David - It's strange that the TSM server Activity Log shows no ANR message of any kind relating to the dsmadmc session loss: I would expect at least some record of the session drop from its end. Based upon what you report, it would appear that the TSM server was not responsible for the dsmadmc session dropping, which is to say that there is no TSM timeout involved. I would thus look for other causes. Check for any incidental entry in the dsmerror.log. One place to look is in the AIX accounting records, searching for the dsmadmc process name, and to particularly look for ac_flag having the AXSIG (Killed by signal) bit being set, which would indicate that the session met a fate involving an OS event. If so, I would further look in the AIX Error Log for any record of the process demise, which would reveal cause. Miscellaneous things can cause mysterious terminations, the Tcsh autologout (http://www.erdc.hpc.mil/documentation/Tips_Tricks/ autologout) being a gross example. If you're going through a firewall facility of some kind, there may be some port use termination therein, based upon excessive duration.
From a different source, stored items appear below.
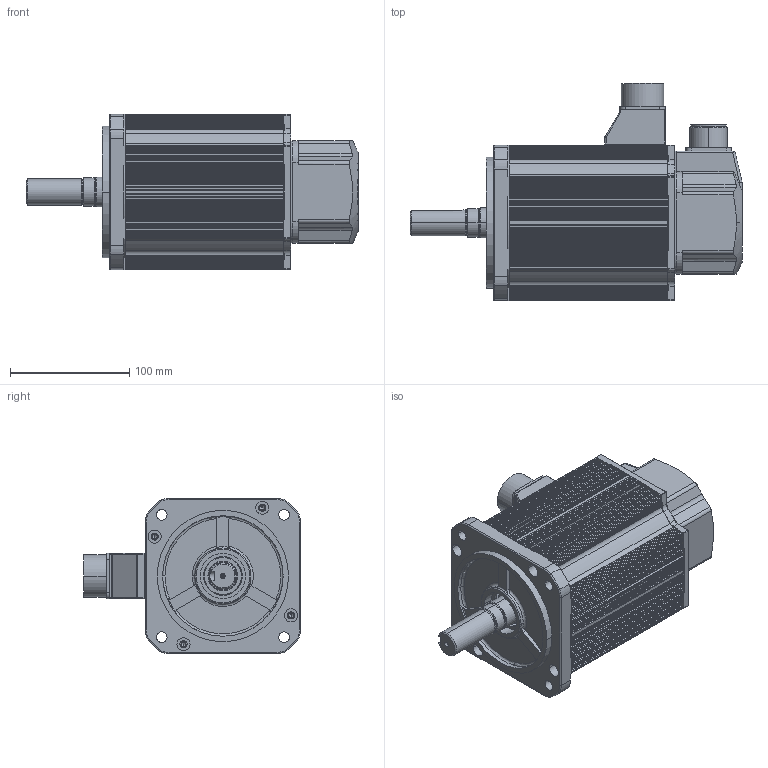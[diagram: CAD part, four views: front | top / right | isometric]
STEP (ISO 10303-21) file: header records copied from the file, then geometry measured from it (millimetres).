
FILE_DESCRIPTION (( 'STEP AP203' ), '1' );
FILE_NAME ('KANH-10B(BR).STEP', '2026-09-12T02:54:23', ( '' ), ( '' ), 'SwSTEP 2.0', 'SolidWorks 2023', '' );
FILE_SCHEMA (( 'CONFIG_CONTROL_DESIGN' ));
Length unit declared in the file: millimetre
Products named in the file (11): 10050523 GASKET_돌출형; □130-136.0mm(1.0kW,BR,MS20); 10050579 CONNECTOR BOX_MS20; 1005052200 ENCODER COVER; MS3102A 20-29P; MS3102A 20_표준; Ø22-KEY8X41; □130 BRACKET_BR; KANH-10B(BR); 10050511 RUBBER SEAL_MS20; □130 FLANGE
Assembly tree (10 placements, depth 2):
  KANH-10B(BR)
    Ø22-KEY8X41
    □130 FLANGE
    □130-136.0mm(1.0kW,BR,MS20)
    □130 BRACKET_BR
    10050511 RUBBER SEAL_MS20
    10050579 CONNECTOR BOX_MS20
    MS3102A 20_표준
    MS3102A 20-29P
    1005052200 ENCODER COVER
    10050523 GASKET_돌출형
Bounding box: 278.2 x 181.75 x 130 mm (x, y, z)
Volume: 685320.3 mm3; surface area: 367067.1 mm2
Topology: 10 solids, 10 shells, 2491 faces, 6891 edges, 4455 vertices
Faces by surface type: plane 1171, cylinder 986, torus 185, bspline 83, cone 56, sphere 10
Entity records: 84366 total; most frequent: CARTESIAN_POINT 18672, DIRECTION 13678, ORIENTED_EDGE 13654, EDGE_CURVE 6827, AXIS2_PLACEMENT_3D 4817, VERTEX_POINT 4455, VECTOR 4044, LINE 4044

I run dsmadmc 24 x 5, and never see any session loss, per se. There is the standard ANR0482W "session termination" based upon the server IDLETimeout value, but that's "under the covers" and does not result in dsmadmc process loss: upon next keyboard action, the interaction resumes (ANR0402I) within the same ongoing dsmadmc process, which is to say no TSM login required. One thing for sure is that your script is way too simple, lacking any error handling, beginning with return code/status evaluation between command invocations. I would recommend using Perl, where you can readily program error detection, handling, logging, and recovery. what I can think of, Richard Sims On Sep 20, 2007, at 1:23 PM, Taylor, David wrote:
I see the "ANR2017I Administrator ADMIN issued command: BACKUP STGPOOL..." in the actlog at the time that the command was first issues. The ba stgpool started and was running fine. 12 hours (exactly) later, the script reported the "ANS1017E session rejected" and went on to the next command, which was "ba db...", however the ba stgpool was still running. There was nothing recorded in the actlog when the script reported the ANS1017E other than the commencement of the ba db command. It appeared that command line 'dsmadmc -id=admin -pass=$TSMPWD "ba stg collgoldprimarypool collgoldcopypool maxpr=3 wait=yes"' timed-out waiting on a return from the command. It,or all practical purposes, orphaned the ba stg and continued processing the rest of the script. I can find no time-related values in the server's configuration that is anywhere near 12 hours (43,200 seconds). I guess that at this point, I am comfortable in understanding what happened, and am now interested in finding out if that timeout can be adjusted.